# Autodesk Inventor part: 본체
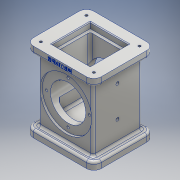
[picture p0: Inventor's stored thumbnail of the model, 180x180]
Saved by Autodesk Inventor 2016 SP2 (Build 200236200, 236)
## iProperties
Created: 2017-08
Part Number: 본체
Material: 알루미늄 6061
Document SubType Name: Modeling
Designer: Administrator
Density: 2.7 g/cm^3
Appearance: 알루미늄 - 평지
Mass: 869.098 g
Surface Area: 642.251 cm^2
Volume: 321.888 cm^3
Author: Administrator
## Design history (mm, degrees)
sketch "스케치1"
  geometry: L1 (-46, -41)-(46, -41); L2 (46, -41)-(46, 41); L3 (46, 41)-(-46, 41); L4 (-46, 41)-(-46, -41); L5 (-46, -41)-(46, 41); L6 (46, -41)-(-46, 41); 1 further point
  constraints: 12 end point, 2 midpoint, 2 parallel, 1 horizontal, 1 perpendicular
  dimensions: "d0" = 92 distance of L2.end L3.end; "d1" = 82 distance of L1.end L2.end
extrude "돌출1" new body sketch "스케치1" distance "d2" = 10; taper "d3" = 0 deg
fillet "모깎기1" dims "d4" = 10
sketch "스케치2"
  geometry: L1 (-37, -33)-(37, -33); L2 (37, -33)-(37, 33); L3 (37, 33)-(-37, 33); L4 (-37, 33)-(-37, -33); L5 (-37, -33)-(37, 33); L6 (37, -33)-(-37, 33); 1 further point
  constraints: 12 end point, 2 midpoint, 2 parallel, 1 horizontal, 1 perpendicular
  dimensions: "d5" = 74 distance of L3.end L2.end; "d6" = 66 distance of L2.end L1.end
extrude "돌출2" join sketch "스케치2" distance "d7" = 88; taper "d8" = 0 deg
sketch "스케치3"
  geometry: L1 (-46, -41)-(46, -41); L2 (46, -41)-(46, 41); L3 (46, 41)-(-46, 41); L4 (-46, 41)-(-46, -41); L5 (-46, -41)-(46, 41); L6 (46, -41)-(-46, 41); 1 further point
  constraints: 12 end point, 2 midpoint, 2 parallel, 1 horizontal, 1 perpendicular
  dimensions: "d9" = 92 distance of L3.end L2.end; "d10" = 82 distance of L2.end L1.end
extrude "돌출3" join sketch "스케치3" distance "d11" = 10; taper "d12" = 0 deg
fillet "모깎기2" dims "d13" = 10
fillet "모깎기3" dims "d14" = 3
fillet "모깎기4" dims "d15" = 3
sketch "스케치4"
  geometry: L1 (-26, -26)-(26, -26); L2 (26, -26)-(26, 26); L3 (26, 26)-(-26, 26); L4 (-26, 26)-(-26, -26); L5 (-26, -26)-(26, 26); L6 (26, -26)-(-26, 26); 1 further point
  constraints: 12 end point, 2 midpoint, 2 parallel, 1 horizontal, 1 perpendicular
  dimensions: "d16" = 52 distance of L3.end L2.end; "d17" = 52 distance of L2.end L1.end
extrude "돌출4" cut sketch "스케치4" distance "d18" = 8; taper "d19" = 0 deg
sketch "스케치5"
  geometry: L1 (24, 24)-(-24, 24); L2 (-24, 24)-(-24, -24); L3 (-24, -24)-(24, -24); L4 (24, -24)-(24, 24); L5 (24, 24)-(-24, -24); L6 (-24, 24)-(24, -24); 1 further point
  constraints: 12 end point, 2 midpoint, 2 parallel, 1 horizontal, 1 perpendicular
  dimensions: "d20" = 48 distance of L3.end L2.end; "d21" = 48 distance of L1.end L2.end
extrude "돌출5" cut sketch "스케치5" distance "d22" = 16; taper "d23" = 0 deg
sketch "스케치6"
  geometry: L1 (-22, -22)-(22, -22); L2 (22, -22)-(22, 22); L3 (22, 22)-(-22, 22); L4 (-22, 22)-(-22, -22); L5 (-22, -22)-(22, 22); L6 (22, -22)-(-22, 22); 1 further point
  constraints: 12 end point, 2 midpoint, 2 parallel, 1 horizontal, 1 perpendicular
  dimensions: "d24" = 44 distance of L3.end L2.end; "d25" = 44 distance of L2.end L1.end
extrude "돌출6" cut sketch "스케치6" distance "d26" = 74; taper "d27" = 0 deg
sketch "스케치7"
  geometry: C1 r 35 at (34, -41); 1 further point
  constraints: 1 centre point, 1 vertical alignment
  dimensions: "d28" = 70 diameter of C1; "d29" = 54 distance of point (34, -95) C1.centre
extrude "돌출7" cut sketch "스케치7" distance "d30" = 3; taper "d31" = 0 deg
fillet "모깎기5" dims "d69" = 3
fillet "모깎기6" dims "d70" = 3
fillet "모깎기7" dims "d71" = 3
sketch "스케치8"
  geometry: C1 r 35 at (0, 0) reference; C2 r 24 at (0, 0); 1 further point
  constraints: 1 centre point, 1 coincident
  dimensions: "d32" = 48 diameter of C2
extrude "돌출8" cut sketch "스케치8" stored distance "d33" = 3; taper "d34" = 0 deg
sketch "스케치9"
  geometry: L1 (95, -1)-(95, 61) reference; 4 further points
  constraints: 2 horizontal alignment, 1 midpoint
  dimensions: "d35" = 38 distance from line of point (57, 30) L1; "d36" = 42 distance of point (15, 30) point (57, 30)
hole "구멍1" sketch "스케치9" at (57, 30), (15, 30) diameter "d37" = 4.134; stored, may be unused: countersink angle "d41" = 90 deg, drill point angle "d43" = 118 deg; dims "d38" = 20, "d39" = 4, "d40" = 2, "d42" = 20
sketch "스케치10"
  geometry: L1 (0, 0)-(0, 29); A1 r 24 centre (0, 0) between (-19, -14.663) and (19, -14.663) reference; 4 further points
  constraints: 2 end point, 1 coincident, 1 vertical
  dimensions: "d44" = 29 distance of L1.start L1.end
hole "구멍2" sketch "스케치10" at (0, 29) diameter "d45" = 3.242; stored, may be unused: countersink angle "d49" = 90 deg, drill point angle "d51" = 118 deg; dims "d46" = 4, "d47" = 4, "d48" = 2, "d50" = 6
sketch "스케치11"
  geometry: A1 r 10 centre (-36, 31) between (-36, 41) and (-46, 31) reference; A2 r 10 centre (36, 31) between (46, 31) and (36, 41) reference; A3 r 10 centre (36, -31) between (36, -41) and (46, -31) reference; A4 r 10 centre (-36, -31) between (-46, -31) and (-36, -41) reference; 5 further points
  constraints: 4 coincident
hole "구멍3" sketch "스케치11" at (-36, 31), (36, 31), (36, -31), (-36, -31) diameter "d55" = 3.242; stored, may be unused: countersink angle "d59" = 90 deg, drill point angle "d61" = 118 deg; dims "d56" = 4, "d57" = 4, "d58" = 2, "d60" = 6
sketch "스케치12" dims "d13" = 10
  geometry: C1 r 1.621 at (36, -31) reference; A1 r 10 centre (-36, -31) between (-46, -31) and (-36, -41) reference; A2 r 10 centre (-36, 31) between (-36, 41) and (-46, 31) reference; A3 r 10 centre (36, 31) between (46, 31) and (36, 41) reference; 5 further points
  constraints: 4 coincident
hole "구멍4" sketch "스케치12" at (36, -31), (-36, -31), (-36, 31), (36, 31) diameter "d62" = 3.242; stored, may be unused: countersink angle "d66" = 90 deg, drill point angle "d68" = 118 deg; dims "d13" = 10, "d63" = 4, "d64" = 4, "d65" = 2, "d67" = 6
chamfer "모따기1" distance "d72" = 1; stored, may be unused: second distance "d73" = 2, angle "d74" = 45 deg
sketch "스케치13"
  geometry: L1 (-10, 0)-(-10, -7) reference; L2 (0, 0)-(72, 0) reference; 2 further points
  constraints: 1 other
  dimensions: "d75" = 46 distance from line of L1 point (36, -4); "d76" = 4 distance from line of L2 point (36, -4)
feature "엠보싱1" sketch "스케치13" dims "d0" = 92, "d1" = 82, "d77" = 0.5, "d78" = 0
node "솔리드1"
mirror "대칭1"
pattern_circular "원형 패턴1" dims angle "d53" = 360 deg
mirror "대칭2"
= = = = =
WHAT TO PRODUCE: Set down only the lines above that fall between the line holding "geometry: L1 (95, -1)-(95, 61)" and the line holding "30) point (57, 30)", inclusive, keeping each exact.

RESPONSE AREA:
  geometry: L1 (95, -1)-(95, 61) reference; 4 further points
  constraints: 2 horizontal alignment, 1 midpoint
  dimensions: "d35" = 38 distance from line of point (57, 30) L1; "d36" = 42 distance of point (15, 30) point (57, 30)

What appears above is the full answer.